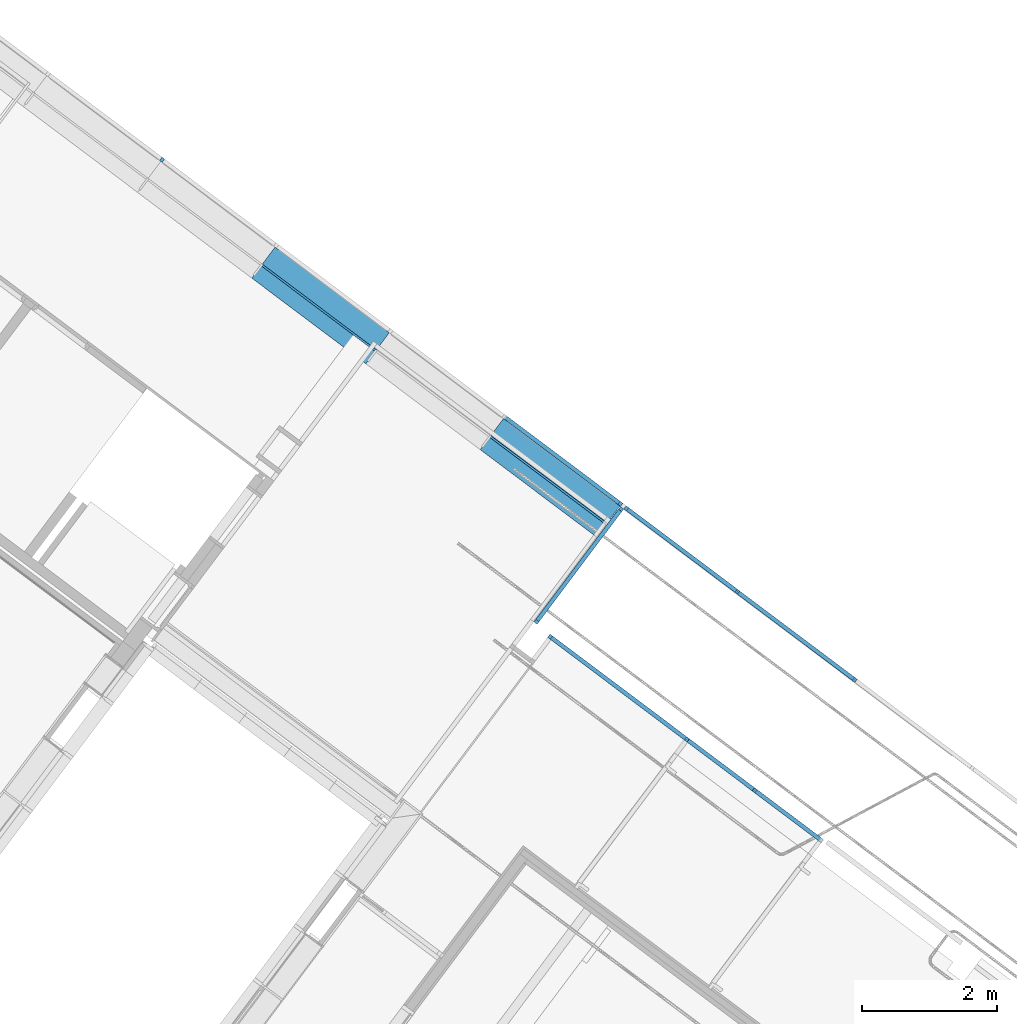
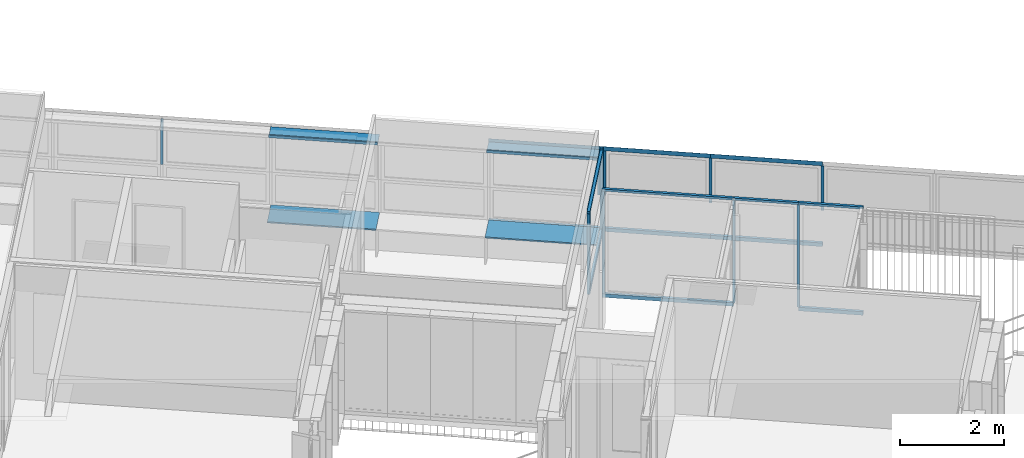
# One storey, part 70 of 243: 27 members, 5 elements without a shape of their own.
"""IFC2X3 building model written with IfcOpenShell, lengths in metres."""

from ifc_helpers import new_model, entity, si_unit, converted_unit, derived_unit, direction, frame, frame_2d, origin, origin_2d_with_axis, place, context, subcontext, project, spatial, polyline, rectangle, outline, extrude, source, transform, mapped, material, type_object, type_shapes, element, aggregate, save


model = new_model("IFC2X3")

# Units and contexts
model_context = context("Model", 3, precision=1e-05, world=origin(), true_north=direction((6.123031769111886e-17, 1.0)))
body_context = subcontext(model_context, "Body", "Model", "MODEL_VIEW")
ifc_project = project(units=[si_unit("LENGTHUNIT", "METRE"), si_unit("AREAUNIT", "SQUARE_METRE"), si_unit("VOLUMEUNIT", "CUBIC_METRE"), converted_unit("PLANEANGLEUNIT", "DEGREE", entity("IfcRatioMeasure", 0.017453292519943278), si_unit("PLANEANGLEUNIT", "RADIAN"), dimensions=[0, 0, 0, 0, 0, 0, 0]), si_unit("MASSUNIT", "GRAM", prefix="KILO"), derived_unit("MASSDENSITYUNIT", [(si_unit("MASSUNIT", "GRAM", prefix="KILO"), 1), (si_unit("LENGTHUNIT", "METRE"), -3)]), derived_unit("IONCONCENTRATIONUNIT", [(si_unit("MASSUNIT", "GRAM", prefix="KILO"), 1), (si_unit("LENGTHUNIT", "METRE"), -3)]), derived_unit("MOMENTOFINERTIAUNIT", [(si_unit("LENGTHUNIT", "METRE"), 4)]), si_unit("TIMEUNIT", "SECOND"), si_unit("FREQUENCYUNIT", "HERTZ"), si_unit("THERMODYNAMICTEMPERATUREUNIT", "DEGREE_CELSIUS"), derived_unit("THERMALTRANSMITTANCEUNIT", [(si_unit("MASSUNIT", "GRAM", prefix="KILO"), 1), (si_unit("THERMODYNAMICTEMPERATUREUNIT", "KELVIN"), -1), (si_unit("TIMEUNIT", "SECOND"), -3)]), derived_unit("THERMALCONDUCTANCEUNIT", [(si_unit("MASSUNIT", "GRAM", prefix="KILO"), 1), (si_unit("THERMODYNAMICTEMPERATUREUNIT", "KELVIN"), -1), (si_unit("TIMEUNIT", "SECOND"), -3), (si_unit("LENGTHUNIT", "METRE"), 1)]), derived_unit("VOLUMETRICFLOWRATEUNIT", [(si_unit("LENGTHUNIT", "METRE"), 3), (si_unit("TIMEUNIT", "SECOND"), -1)]), derived_unit("MASSFLOWRATEUNIT", [(si_unit("MASSUNIT", "GRAM", prefix="KILO"), 1), (si_unit("TIMEUNIT", "SECOND"), -1)]), derived_unit("ROTATIONALFREQUENCYUNIT", [(si_unit("TIMEUNIT", "SECOND"), -1)]), si_unit("ELECTRICCURRENTUNIT", "AMPERE"), si_unit("ELECTRICVOLTAGEUNIT", "VOLT"), si_unit("POWERUNIT", "WATT"), si_unit("FORCEUNIT", "NEWTON", prefix="KILO"), si_unit("ILLUMINANCEUNIT", "LUX"), si_unit("LUMINOUSFLUXUNIT", "LUMEN"), si_unit("LUMINOUSINTENSITYUNIT", "CANDELA"), derived_unit("USERDEFINED", [(si_unit("MASSUNIT", "GRAM", prefix="KILO"), -1), (si_unit("LENGTHUNIT", "METRE"), -2), (si_unit("TIMEUNIT", "SECOND"), 3), (si_unit("LUMINOUSFLUXUNIT", "LUMEN"), 1)]), derived_unit("USERDEFINED", [(si_unit("MASSUNIT", "GRAM", prefix="KILO"), 1), (si_unit("TIMEUNIT", "SECOND"), -3), (si_unit("LENGTHUNIT", "METRE"), 3), (si_unit("ELECTRICCURRENTUNIT", "AMPERE"), -2)]), derived_unit("SOUNDPOWERUNIT", [(si_unit("MASSUNIT", "GRAM", prefix="KILO"), 1), (si_unit("TIMEUNIT", "SECOND"), -3), (si_unit("LENGTHUNIT", "METRE"), 2)]), derived_unit("SOUNDPRESSUREUNIT", [(si_unit("MASSUNIT", "GRAM", prefix="KILO"), 1), (si_unit("LENGTHUNIT", "METRE"), -1), (si_unit("TIMEUNIT", "SECOND"), -2)]), derived_unit("LINEARVELOCITYUNIT", [(si_unit("LENGTHUNIT", "METRE"), 1), (si_unit("TIMEUNIT", "SECOND"), -1)]), si_unit("PRESSUREUNIT", "PASCAL"), derived_unit("USERDEFINED", [(si_unit("MASSUNIT", "GRAM", prefix="KILO"), 1), (si_unit("LENGTHUNIT", "METRE"), -2), (si_unit("TIMEUNIT", "SECOND"), -2)]), derived_unit("LINEARFORCEUNIT", [(si_unit("MASSUNIT", "GRAM", prefix="KILO"), 1), (si_unit("TIMEUNIT", "SECOND"), -2)]), derived_unit("PLANARFORCEUNIT", [(si_unit("MASSUNIT", "GRAM", prefix="KILO"), 1), (si_unit("LENGTHUNIT", "METRE"), -1), (si_unit("TIMEUNIT", "SECOND"), -2)]), derived_unit("SPECIFICHEATCAPACITYUNIT", [(si_unit("THERMODYNAMICTEMPERATUREUNIT", "KELVIN"), -1), (si_unit("LENGTHUNIT", "METRE"), 2), (si_unit("TIMEUNIT", "SECOND"), -2)]), derived_unit("HEATINGVALUEUNIT", [(si_unit("LENGTHUNIT", "METRE"), 2), (si_unit("TIMEUNIT", "SECOND"), -2)]), derived_unit("VAPORPERMEABILITYUNIT", [(si_unit("LENGTHUNIT", "METRE"), -1), (si_unit("TIMEUNIT", "SECOND"), 1)]), derived_unit("DYNAMICVISCOSITYUNIT", [(si_unit("MASSUNIT", "GRAM", prefix="KILO"), 1), (si_unit("TIMEUNIT", "SECOND"), -1), (si_unit("LENGTHUNIT", "METRE"), -1)]), derived_unit("THERMALEXPANSIONCOEFFICIENTUNIT", [(si_unit("THERMODYNAMICTEMPERATUREUNIT", "KELVIN"), -1)]), derived_unit("MODULUSOFELASTICITYUNIT", [(si_unit("MASSUNIT", "GRAM", prefix="KILO"), 1), (si_unit("LENGTHUNIT", "METRE"), -1), (si_unit("TIMEUNIT", "SECOND"), -2)]), derived_unit("ISOTHERMALMOISTURECAPACITYUNIT", [(si_unit("LENGTHUNIT", "METRE"), 3), (si_unit("MASSUNIT", "GRAM", prefix="KILO"), -1)]), derived_unit("MOISTUREDIFFUSIVITYUNIT", [(si_unit("TIMEUNIT", "SECOND"), -1), (si_unit("LENGTHUNIT", "METRE"), 2)])], contexts=[model_context])

# Site, building, storey
site_placement = place(None, frame((0.0, 0.0, 235.0), z_axis=(0.0, 0.0, 1.0), x_axis=(-0.7996477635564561, 0.6004693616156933, 0.0)))
site = spatial("IfcSite", under=ifc_project, at=site_placement, Name="Default", CompositionType="ELEMENT")
building_placement = place(site_placement, origin())
building = spatial("IfcBuilding", under=site, at=building_placement, CompositionType="ELEMENT")
storey_placement = place(building_placement, origin())
storey = spatial("IfcBuildingStorey", under=building, at=storey_placement, Name="P0- Escola", CompositionType="ELEMENT", Elevation=0.0)

# Curtain wall, members
curtain_wall_type_1 = type_object("IfcCurtainWallType", Name="Muro cortina:MC- EXT- MC6", PredefinedType="NOTDEFINED")
curtain_wall_1_placement = place(storey_placement, origin())
curtain_wall_1 = element("IfcCurtainWall", 1, at=curtain_wall_1_placement, inside=storey, type_object=curtain_wall_type_1, Name="Muro cortina:MC- EXT- MC6", ObjectType="Muro cortina:MC- EXT- MC6")
ifc_material_1 = material(Name="_Alumini- T1- Perfil")
member_type_1 = type_object("IfcMemberType", Name="Montante rectangular:MC- Alu- 52x80 cm- Fa pista- inferior", PredefinedType="MULLION", material=ifc_material_1)
shared_shape_1 = source(origin(), body_context, "Body", "SweptSolid", [
    extrude(rectangle(XDim=0.06000000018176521, YDim=0.085, at=origin_2d_with_axis()), frame((-0.0425, -0.030000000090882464, -2.170995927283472), z_axis=(0.0, 0.0, 1.0), x_axis=(0.0, -1.0, 0.0)), (0.0, 0.0, 1.0), 2.170995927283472),
])
type_shapes(member_type_1, [shared_shape_1])
member_1_placement = place(curtain_wall_1_placement, frame((36.64514768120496, -42.34019175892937, 0.6000000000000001), z_axis=(-1.0, 0.0, 0.0), x_axis=(0.0, 0.0, -1.0)))
member_1 = element("IfcMember", 2, at=member_1_placement, type_object=member_type_1, material=ifc_material_1, Name="Montante rectangular:MC- Alu- 52x80 cm- Fa pista- inferior", ObjectType="Montante rectangular:MC- Alu- 52x80 cm- Fa pista- inferior", context=body_context, shape_type="MappedRepresentation", body=[
    mapped(shared_shape_1, transform((0.0, 0.0, 0.0), scale=1.0)),
])
member_type_2 = type_object("IfcMemberType", Name="Montante rectangular:MC- Alu- 50x60 cm- Fa pista- Centre", PredefinedType="MULLION", material=ifc_material_1)
shared_shape_2 = source(origin(), body_context, "Body", "SweptSolid", [
    extrude(rectangle(XDim=0.0600000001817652, YDim=0.05, at=frame_2d((-8.673617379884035e-18, 0.0), x_axis=(1.0, 0.0))), frame((-0.025, -0.030000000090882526, -1.0475000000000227), z_axis=(0.0, 0.0, 1.0), x_axis=(0.0, -1.0, 0.0)), (0.0, 0.0, 1.0), 1.0475000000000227),
])
type_shapes(member_type_2, [shared_shape_2])
member_2_placement = place(curtain_wall_1_placement, frame((36.64514768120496, -42.34019175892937, 2.502500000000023), z_axis=(0.0, 0.0, 1.0), x_axis=(-1.0, 0.0, 0.0)))
member_2 = element("IfcMember", 3, at=member_2_placement, type_object=member_type_2, material=ifc_material_1, Name="Montante rectangular:MC- Alu- 50x60 cm- Fa pista- Centre", ObjectType="Montante rectangular:MC- Alu- 50x60 cm- Fa pista- Centre", context=body_context, shape_type="MappedRepresentation", body=[
    mapped(shared_shape_2, transform((0.0, 0.0, 0.0), scale=1.0)),
])
member_type_3 = type_object("IfcMemberType", Name="Montante rectangular:MC- Alu- 140x52,5 cm- Fa pista- Superior", PredefinedType="MULLION", material=ifc_material_1)
shared_shape_3 = source(origin(), body_context, "Body", "SweptSolid", [
    extrude(outline(polyline([(-0.03933333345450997, -0.04916666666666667), (0.02066666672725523, -0.04916666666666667), (0.020666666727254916, 0.048333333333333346), (0.018666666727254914, 0.04833333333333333), (0.018666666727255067, 0.00083333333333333), (-0.03933333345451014, 0.00083333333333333), (-0.03933333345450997, -0.04916666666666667)])), frame((-0.048333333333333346, -0.03933333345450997, -2.170995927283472), z_axis=(0.0, 0.0, 1.0), x_axis=(0.0, -1.0, 0.0)), (0.0, 0.0, 1.0), 2.170995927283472),
])
type_shapes(member_type_3, [shared_shape_3])
member_3_placement = place(curtain_wall_1_placement, frame((38.81614360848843, -42.34019175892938, 2.6000000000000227), z_axis=(1.0, 0.0, 0.0), x_axis=(0.0, 0.0, 1.0)))
member_3 = element("IfcMember", 4, at=member_3_placement, type_object=member_type_3, material=ifc_material_1, Name="Montante rectangular:MC- Alu- 140x52,5 cm- Fa pista- Superior", ObjectType="Montante rectangular:MC- Alu- 140x52,5 cm- Fa pista- Superior", context=body_context, shape_type="MappedRepresentation", body=[
    mapped(shared_shape_3, transform((0.0, 0.0, 0.0), scale=1.0)),
])
member_type_4 = type_object("IfcMemberType", Name="Montante rectangular:MC- Alu- 50x60 cm- Fa pista- Centre", PredefinedType="MULLION", material=ifc_material_1)
shared_shape_4 = source(origin(), body_context, "Body", "SweptSolid", [
    extrude(rectangle(XDim=0.0600000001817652, YDim=0.05, at=frame_2d((8.673617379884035e-18, 0.0), x_axis=(1.0, 0.0))), frame((0.0, -0.030000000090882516, -1.0475000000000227), z_axis=(0.0, 0.0, 1.0), x_axis=(0.0, -1.0, 0.0)), (0.0, 0.0, 1.0), 1.0475000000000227),
])
type_shapes(member_type_4, [shared_shape_4])
member_4_placement = place(curtain_wall_1_placement, frame((45.167143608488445, -42.3401917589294, 1.455), z_axis=(0.0, 0.0, -1.0), x_axis=(1.0, 0.0, 0.0)))
member_4 = element("IfcMember", 5, at=member_4_placement, type_object=member_type_4, material=ifc_material_1, Name="Montante rectangular:MC- Alu- 50x60 cm- Fa pista- Centre", ObjectType="Montante rectangular:MC- Alu- 50x60 cm- Fa pista- Centre", context=body_context, shape_type="MappedRepresentation", body=[
    mapped(shared_shape_4, transform((0.0, 0.0, 0.0), scale=1.0)),
])
aggregate(curtain_wall_1, [member_1, member_2, member_3, member_4])

curtain_wall_2_placement = place(storey_placement, origin())
curtain_wall_2 = element("IfcCurtainWall", 6, at=curtain_wall_2_placement, inside=storey, type_object=curtain_wall_type_1, Name="Muro cortina:MC- EXT- MC6", ObjectType="Muro cortina:MC- EXT- MC6")
member_type_5 = type_object("IfcMemberType", Name="Montante rectangular:MC- Alu- 140x52,5 cm- Fa pista- Superior", PredefinedType="MULLION", material=ifc_material_1)
shared_shape_5 = source(origin(), body_context, "Body", "SweptSolid", [
    extrude(outline(polyline([(-0.02066666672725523, -0.04916666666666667), (0.03933333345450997, -0.04916666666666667), (0.039333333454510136, 0.00083333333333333), (-0.018666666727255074, 0.00083333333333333), (-0.01866666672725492, 0.04833333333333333), (-0.020666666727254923, 0.048333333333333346), (-0.02066666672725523, -0.04916666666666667)])), frame((-0.048333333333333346, 0.03933333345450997, -2.089999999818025), z_axis=(0.0, 0.0, 1.0), x_axis=(0.0, -1.0, 0.0)), (0.0, 0.0, 1.0), 2.089999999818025),
])
type_shapes(member_type_5, [shared_shape_5])
member_5_placement = place(curtain_wall_2_placement, frame((36.5851476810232, -40.14019175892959, 2.6000000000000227), z_axis=(0.0, 1.0, 0.0), x_axis=(0.0, 0.0, 1.0)))
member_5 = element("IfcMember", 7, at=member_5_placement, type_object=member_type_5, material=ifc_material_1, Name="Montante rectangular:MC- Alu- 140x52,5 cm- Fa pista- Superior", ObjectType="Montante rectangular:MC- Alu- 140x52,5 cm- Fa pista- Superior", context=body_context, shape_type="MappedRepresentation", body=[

### Required work
Pull out every line above that holds the word "SweptSolid".

### Exercise result
shared_shape_1 = source(origin(), body_context, "Body", "SweptSolid", [
shared_shape_2 = source(origin(), body_context, "Body", "SweptSolid", [
shared_shape_3 = source(origin(), body_context, "Body", "SweptSolid", [
shared_shape_4 = source(origin(), body_context, "Body", "SweptSolid", [
shared_shape_5 = source(origin(), body_context, "Body", "SweptSolid", [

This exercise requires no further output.